◆ **Task**: Nothing below is to be printed except the lines between the line holding "#4942=FACE_OUTER_BOUND('',#4941,.F.);" and the line holding "#1187=CIRCLE('',#1186,11.5);", inclusive, each exactly as it appears.

Items from a dataset
^^^^^^^^^^^^^^^^

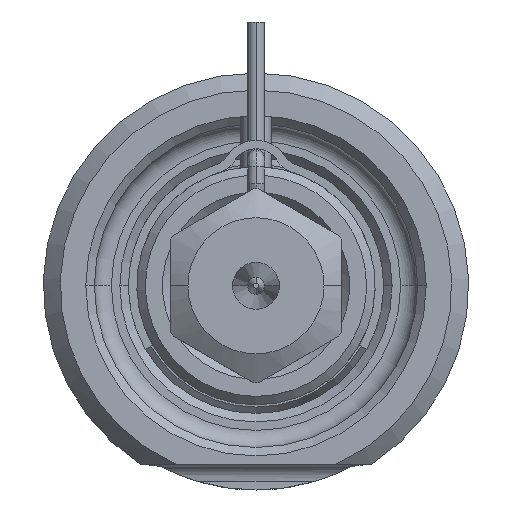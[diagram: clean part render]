
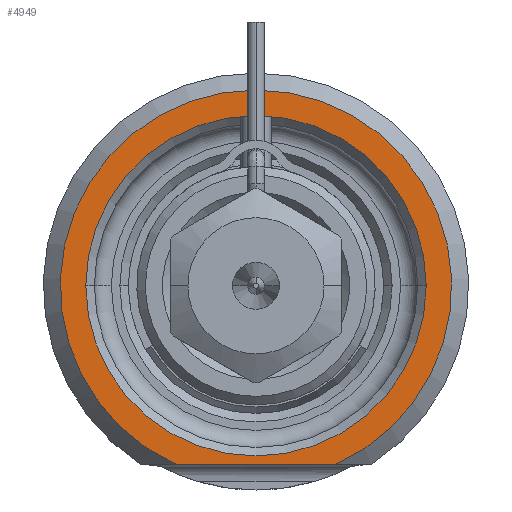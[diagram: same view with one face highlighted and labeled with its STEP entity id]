
A CAD part, front view. The second image highlights one B-rep face of the part: STEP entity #4949.
In plain terms, the highlighted planar face has unit normal (0, -1, 0).
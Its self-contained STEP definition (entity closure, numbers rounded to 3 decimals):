
#1183=CARTESIAN_POINT('',(0.,0.,0.));
#1184=DIRECTION('',(0.,-1.,0.));
#1185=DIRECTION('',(0.408,0.,-0.913));
#1186=AXIS2_PLACEMENT_3D('',#1183,#1184,#1185);
#1207=DIRECTION('',(1.,0.,0.));
#1208=VECTOR('',#1207,9.381);
#1209=CARTESIAN_POINT('',(-4.69,0.,-10.5));
#1210=LINE('',#1209,#1208);
#1211=CARTESIAN_POINT('',(0.,0.,0.));
#1212=DIRECTION('',(0.,1.,0.));
#1213=DIRECTION('',(-1.,0.,0.));
#1214=AXIS2_PLACEMENT_3D('',#1211,#1212,#1213);
#1216=CARTESIAN_POINT('',(0.,0.,0.));
#1217=DIRECTION('',(0.,1.,0.));
#1218=DIRECTION('',(1.,0.,0.));
#1219=AXIS2_PLACEMENT_3D('',#1216,#1217,#1218);
#3221=CARTESIAN_POINT('',(-10.,0.,0.));
#3222=CARTESIAN_POINT('',(10.,0.,0.));
#3223=VERTEX_POINT('',#3221);
#3224=VERTEX_POINT('',#3222);
#3265=CARTESIAN_POINT('',(-4.69,0.,-10.5));
#3266=CARTESIAN_POINT('',(4.69,0.,-10.5));
#3267=VERTEX_POINT('',#3265);
#3268=VERTEX_POINT('',#3266);
#4934=CARTESIAN_POINT('',(0.,0.,0.));
#4935=DIRECTION('',(0.,-1.,0.));
#4936=DIRECTION('',(1.,0.,0.));
#4937=AXIS2_PLACEMENT_3D('',#4934,#4935,#4936);
#4938=PLANE('',#4937);
#4939=ORIENTED_EDGE('',*,*,#4869,.F.);
#4940=ORIENTED_EDGE('',*,*,#4926,.F.);
#4941=EDGE_LOOP('',(#4939,#4940));
#4942=FACE_OUTER_BOUND('',#4941,.F.);
#4944=ORIENTED_EDGE('',*,*,#4943,.F.);
#4946=ORIENTED_EDGE('',*,*,#4945,.F.);
#4947=EDGE_LOOP('',(#4944,#4946));
#4948=FACE_BOUND('',#4947,.F.);
#4949=ADVANCED_FACE('',(#4942,#4948),#4938,.T.);
#1187=CIRCLE('',#1186,11.5);
#1215=CIRCLE('',#1214,10.);
#1220=CIRCLE('',#1219,10.);
#4869=EDGE_CURVE('',#3267,#3268,#1210,.T.);
#4926=EDGE_CURVE('',#3268,#3267,#1187,.T.);
#4943=EDGE_CURVE('',#3223,#3224,#1215,.T.);
#4945=EDGE_CURVE('',#3224,#3223,#1220,.T.);

^^^^^^^^^^^^^^^^

◆ **Reply to the exercise**:
#4942=FACE_OUTER_BOUND('',#4941,.F.);
#4944=ORIENTED_EDGE('',*,*,#4943,.F.);
#4946=ORIENTED_EDGE('',*,*,#4945,.F.);
#4947=EDGE_LOOP('',(#4944,#4946));
#4948=FACE_BOUND('',#4947,.F.);
#4949=ADVANCED_FACE('',(#4942,#4948),#4938,.T.);
#1187=CIRCLE('',#1186,11.5);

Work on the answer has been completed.